Hills of Parnassus, The

Czesław Miłosz
Hills of Parnassus, The
  • Wydawnictwo Krytyki Politycznej
    Warszawa 2012
    128 pages
    145x205
    ISBN: 978-83-63855-01-7
    Translation rights: The Wylie Agency

The Hills of Parnassus is Czesław Miłosz’s third and final attempt at tackling fiction (following the novels The Seizure of Power and The Issa Valley in the 1950s). He probably started it in 1967, worked intensively on it in 1970 and 1971, and finally, in the same year, abandoned it. In 1972 he offered some extracts from the unfinished book to the Paris-based periodical Kultura, but editor-in-chief Jerzy Giedroyć felt sceptical about it and refused to publish them. Covering several dozen pages of type – five chapters taken from a longer, hand-written version, plus some Introductory Remarks by the author – it has now been published for the first time.

There are at least three reasons why this book is significant. Firstly, as the subtitle tells us, here we have a work of science fiction, and this, in itself, is enough of an incentive to take a close look at it since it is highly intriguing to think of Miłosz “seeking a more comprehensive form” in this way. The second reason – not unrelated to the first – is that in his work as a novelist and commentator on his own fiction Miłosz adds many interesting things to what we already know about him. Thirdly and finally, even if they only represent a record of his ambitions and – as he himself admitted – his artistic failure, several dozen previously unknown pages by a Nobel prize-winning author are worth close reading.

As we know, Czesław Miłosz did not have a particularly high opinion of fiction, especially late-twentieth-century modern fiction.

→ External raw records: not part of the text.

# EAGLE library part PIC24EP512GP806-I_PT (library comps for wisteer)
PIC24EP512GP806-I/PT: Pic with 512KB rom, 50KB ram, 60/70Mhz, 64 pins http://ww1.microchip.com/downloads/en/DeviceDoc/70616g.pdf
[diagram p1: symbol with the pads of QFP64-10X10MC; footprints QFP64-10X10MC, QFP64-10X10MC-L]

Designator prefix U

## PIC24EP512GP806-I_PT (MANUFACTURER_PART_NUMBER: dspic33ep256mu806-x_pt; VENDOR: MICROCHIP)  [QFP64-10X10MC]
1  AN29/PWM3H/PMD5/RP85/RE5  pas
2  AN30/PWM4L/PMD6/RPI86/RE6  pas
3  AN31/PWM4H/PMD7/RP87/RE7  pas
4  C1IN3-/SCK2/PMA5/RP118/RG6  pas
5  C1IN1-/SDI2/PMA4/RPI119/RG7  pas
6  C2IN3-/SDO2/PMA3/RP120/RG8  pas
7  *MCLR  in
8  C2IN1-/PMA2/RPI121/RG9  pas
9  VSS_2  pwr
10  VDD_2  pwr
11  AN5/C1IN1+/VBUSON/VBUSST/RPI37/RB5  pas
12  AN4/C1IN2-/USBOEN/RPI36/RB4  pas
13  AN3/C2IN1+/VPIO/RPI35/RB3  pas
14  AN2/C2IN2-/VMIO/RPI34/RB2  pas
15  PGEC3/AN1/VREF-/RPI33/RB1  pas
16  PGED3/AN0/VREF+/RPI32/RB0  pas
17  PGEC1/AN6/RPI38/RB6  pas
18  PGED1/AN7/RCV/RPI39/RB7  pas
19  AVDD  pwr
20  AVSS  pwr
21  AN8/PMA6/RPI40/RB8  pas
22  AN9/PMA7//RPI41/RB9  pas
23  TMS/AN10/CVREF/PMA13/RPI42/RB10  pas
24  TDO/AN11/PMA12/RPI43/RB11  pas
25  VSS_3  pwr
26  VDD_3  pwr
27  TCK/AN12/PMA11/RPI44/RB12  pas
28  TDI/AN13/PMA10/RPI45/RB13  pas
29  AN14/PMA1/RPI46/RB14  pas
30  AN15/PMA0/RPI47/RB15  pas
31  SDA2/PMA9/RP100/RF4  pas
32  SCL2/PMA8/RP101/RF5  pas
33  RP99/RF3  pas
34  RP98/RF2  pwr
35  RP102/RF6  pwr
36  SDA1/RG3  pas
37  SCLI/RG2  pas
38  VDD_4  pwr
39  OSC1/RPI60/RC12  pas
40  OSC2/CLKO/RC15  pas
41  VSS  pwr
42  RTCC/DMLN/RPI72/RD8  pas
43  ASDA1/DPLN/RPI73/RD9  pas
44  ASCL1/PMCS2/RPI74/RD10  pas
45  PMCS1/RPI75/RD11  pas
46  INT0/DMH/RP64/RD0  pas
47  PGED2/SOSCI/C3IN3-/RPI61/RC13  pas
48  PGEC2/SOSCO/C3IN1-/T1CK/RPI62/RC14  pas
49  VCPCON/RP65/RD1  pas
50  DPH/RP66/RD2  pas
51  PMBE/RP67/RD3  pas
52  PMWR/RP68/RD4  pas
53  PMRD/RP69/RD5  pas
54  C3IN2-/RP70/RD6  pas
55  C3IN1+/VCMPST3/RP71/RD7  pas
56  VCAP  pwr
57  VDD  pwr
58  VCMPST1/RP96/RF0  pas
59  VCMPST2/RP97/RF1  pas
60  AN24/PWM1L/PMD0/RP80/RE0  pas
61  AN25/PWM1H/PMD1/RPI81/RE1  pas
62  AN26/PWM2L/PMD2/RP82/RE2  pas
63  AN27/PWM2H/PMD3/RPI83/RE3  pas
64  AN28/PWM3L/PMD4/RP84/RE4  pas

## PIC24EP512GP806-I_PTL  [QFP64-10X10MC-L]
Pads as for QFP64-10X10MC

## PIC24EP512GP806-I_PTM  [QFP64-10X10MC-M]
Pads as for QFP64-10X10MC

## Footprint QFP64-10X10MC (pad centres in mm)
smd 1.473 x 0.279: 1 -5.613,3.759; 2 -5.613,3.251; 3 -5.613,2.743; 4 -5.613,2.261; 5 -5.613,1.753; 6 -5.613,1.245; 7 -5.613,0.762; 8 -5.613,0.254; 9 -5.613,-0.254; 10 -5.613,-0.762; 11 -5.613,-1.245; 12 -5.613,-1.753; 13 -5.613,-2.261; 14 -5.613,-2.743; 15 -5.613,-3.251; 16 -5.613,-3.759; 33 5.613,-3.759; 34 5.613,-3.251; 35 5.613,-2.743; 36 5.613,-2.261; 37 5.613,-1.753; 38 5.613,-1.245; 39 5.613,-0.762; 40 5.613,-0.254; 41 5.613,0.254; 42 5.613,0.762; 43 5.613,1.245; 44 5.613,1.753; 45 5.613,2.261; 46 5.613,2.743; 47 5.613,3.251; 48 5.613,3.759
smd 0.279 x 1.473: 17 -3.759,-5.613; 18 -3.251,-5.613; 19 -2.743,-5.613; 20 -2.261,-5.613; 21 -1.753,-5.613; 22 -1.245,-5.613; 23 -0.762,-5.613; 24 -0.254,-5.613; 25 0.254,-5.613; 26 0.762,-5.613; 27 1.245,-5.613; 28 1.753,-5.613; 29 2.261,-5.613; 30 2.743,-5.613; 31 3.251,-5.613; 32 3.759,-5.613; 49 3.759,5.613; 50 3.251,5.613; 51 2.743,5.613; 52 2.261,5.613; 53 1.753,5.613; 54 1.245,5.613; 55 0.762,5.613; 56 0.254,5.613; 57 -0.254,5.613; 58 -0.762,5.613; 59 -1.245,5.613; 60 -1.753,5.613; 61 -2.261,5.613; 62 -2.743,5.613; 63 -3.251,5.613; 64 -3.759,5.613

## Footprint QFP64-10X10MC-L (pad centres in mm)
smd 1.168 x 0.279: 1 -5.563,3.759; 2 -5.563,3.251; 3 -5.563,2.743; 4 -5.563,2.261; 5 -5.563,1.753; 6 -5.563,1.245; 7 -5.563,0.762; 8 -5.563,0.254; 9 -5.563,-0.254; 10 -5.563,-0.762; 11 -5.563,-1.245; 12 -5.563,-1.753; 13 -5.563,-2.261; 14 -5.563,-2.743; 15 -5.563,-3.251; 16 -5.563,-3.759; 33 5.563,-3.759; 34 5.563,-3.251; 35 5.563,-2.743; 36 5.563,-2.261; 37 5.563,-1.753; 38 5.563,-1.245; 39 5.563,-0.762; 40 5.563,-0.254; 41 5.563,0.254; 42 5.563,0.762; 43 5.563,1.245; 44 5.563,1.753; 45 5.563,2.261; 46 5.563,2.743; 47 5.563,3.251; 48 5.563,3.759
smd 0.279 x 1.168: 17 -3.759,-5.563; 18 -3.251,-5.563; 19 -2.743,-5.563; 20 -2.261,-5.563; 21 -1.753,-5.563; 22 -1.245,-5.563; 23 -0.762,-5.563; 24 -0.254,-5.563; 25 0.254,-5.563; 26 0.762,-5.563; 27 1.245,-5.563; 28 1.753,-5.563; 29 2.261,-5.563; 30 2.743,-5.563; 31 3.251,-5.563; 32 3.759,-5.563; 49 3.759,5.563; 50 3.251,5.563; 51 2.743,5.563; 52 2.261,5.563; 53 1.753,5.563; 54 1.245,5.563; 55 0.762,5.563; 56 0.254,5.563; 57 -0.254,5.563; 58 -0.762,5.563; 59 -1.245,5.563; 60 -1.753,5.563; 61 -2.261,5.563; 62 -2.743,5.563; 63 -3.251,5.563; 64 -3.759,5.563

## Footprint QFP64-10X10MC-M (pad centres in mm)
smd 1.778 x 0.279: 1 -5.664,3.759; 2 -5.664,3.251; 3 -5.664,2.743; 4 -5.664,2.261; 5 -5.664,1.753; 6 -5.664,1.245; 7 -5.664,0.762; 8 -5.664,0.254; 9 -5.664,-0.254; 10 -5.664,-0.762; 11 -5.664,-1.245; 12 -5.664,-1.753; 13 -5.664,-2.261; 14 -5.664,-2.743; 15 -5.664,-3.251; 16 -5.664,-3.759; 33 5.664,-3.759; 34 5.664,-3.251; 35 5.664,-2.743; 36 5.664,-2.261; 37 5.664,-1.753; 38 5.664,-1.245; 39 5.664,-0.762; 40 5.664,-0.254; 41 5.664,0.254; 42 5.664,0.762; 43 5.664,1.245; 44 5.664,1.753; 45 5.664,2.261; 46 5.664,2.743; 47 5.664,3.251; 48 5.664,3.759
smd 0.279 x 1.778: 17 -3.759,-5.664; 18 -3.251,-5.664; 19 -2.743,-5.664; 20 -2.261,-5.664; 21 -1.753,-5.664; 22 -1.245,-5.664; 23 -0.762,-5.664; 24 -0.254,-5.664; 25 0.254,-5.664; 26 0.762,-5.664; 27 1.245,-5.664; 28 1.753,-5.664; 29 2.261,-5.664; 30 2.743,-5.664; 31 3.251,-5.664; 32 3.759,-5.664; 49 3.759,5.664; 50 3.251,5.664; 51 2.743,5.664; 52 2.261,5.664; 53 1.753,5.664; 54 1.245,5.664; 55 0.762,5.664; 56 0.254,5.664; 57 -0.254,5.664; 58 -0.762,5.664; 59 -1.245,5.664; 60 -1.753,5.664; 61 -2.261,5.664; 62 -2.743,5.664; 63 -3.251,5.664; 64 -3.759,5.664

In his view it had “come unstuck from the world of things and human relations”, and, as he wrote in the Introductory Remarks that preface The Hills of Parnassus, “the modern novel, trained on streams of consciousness, internal monologues etc., and afflicted by structural theories, has wandered off so far that it bears little resemblance to what was once understood as the novel”. In his view, new fiction had lost what had, in a way, brought it to life and raised it to the heights: the ability to move the hearts and consciences of the wide reading public, the capacity to express truths and to initiate debates that were comprehensible to many people. But in science fiction Miłosz perceived a genre in which the virtues of the former, “old-fashioned” fiction were still alive, and which was still capable, more than elite poetry, of traditional communication with the general public – at any rate in its “classic” version. For example, Miłosz valued Lem’s Solaris, just as he criticised Lem’s later experiments with the genre and his search for – what irony! – a more comprehensive form for science fiction.

Miłosz tried his hand at sci-fi in order to express his concern at the direction mankind’s cultural development was taking. He set about envisioning the world at the close of the twenty-first century, when technical progress would result in compulsive, pointless consumption and the degeneration of personal bonds among the masses, who are ruled by an elite caste of technocrats. In this world, which Reason has deprived of Meaning and brought to the limits, nevertheless a sort of precursor to a quasi-religious revival appears, represented by a handful of misfits led by a man called Ephraim, who are looking for a way out of the universal indifference and impotence.

We do not know how it ends. Miłosz only provided preliminary, sometimes quite vivid images of his world, and an initial, sometimes fully absorbing presentation of some of his protagonists, but he failed to get any action going at all (what else could have galvanized the reader’s emotions?), and that was probably why he gave up writing the book. He explains his discouragement in more detail in the Introductory Remarks, which have to be read to judge for oneself to what extent he accounts for his failure in an old-fashioned way, and to what extent in an extremely modern way. Meanwhile, in her illuminating afterword, Agnieszka Kosińska discusses all the book’s adventures, contexts, affiliations and surprising sequels. Lest anybody should think that The Hills of Parnassus stands alone as fiction, the pieces of the novel are accompanied by a related text called Ephraim’s Liturgy, which was published in Kultura in 1968. Equipped with “a commentary explaining who Ephraim was”, these ritual incantations mixed with evangelical parables show Miłosz in his real element.

The Hills of Parnassus is truly fascinating reading.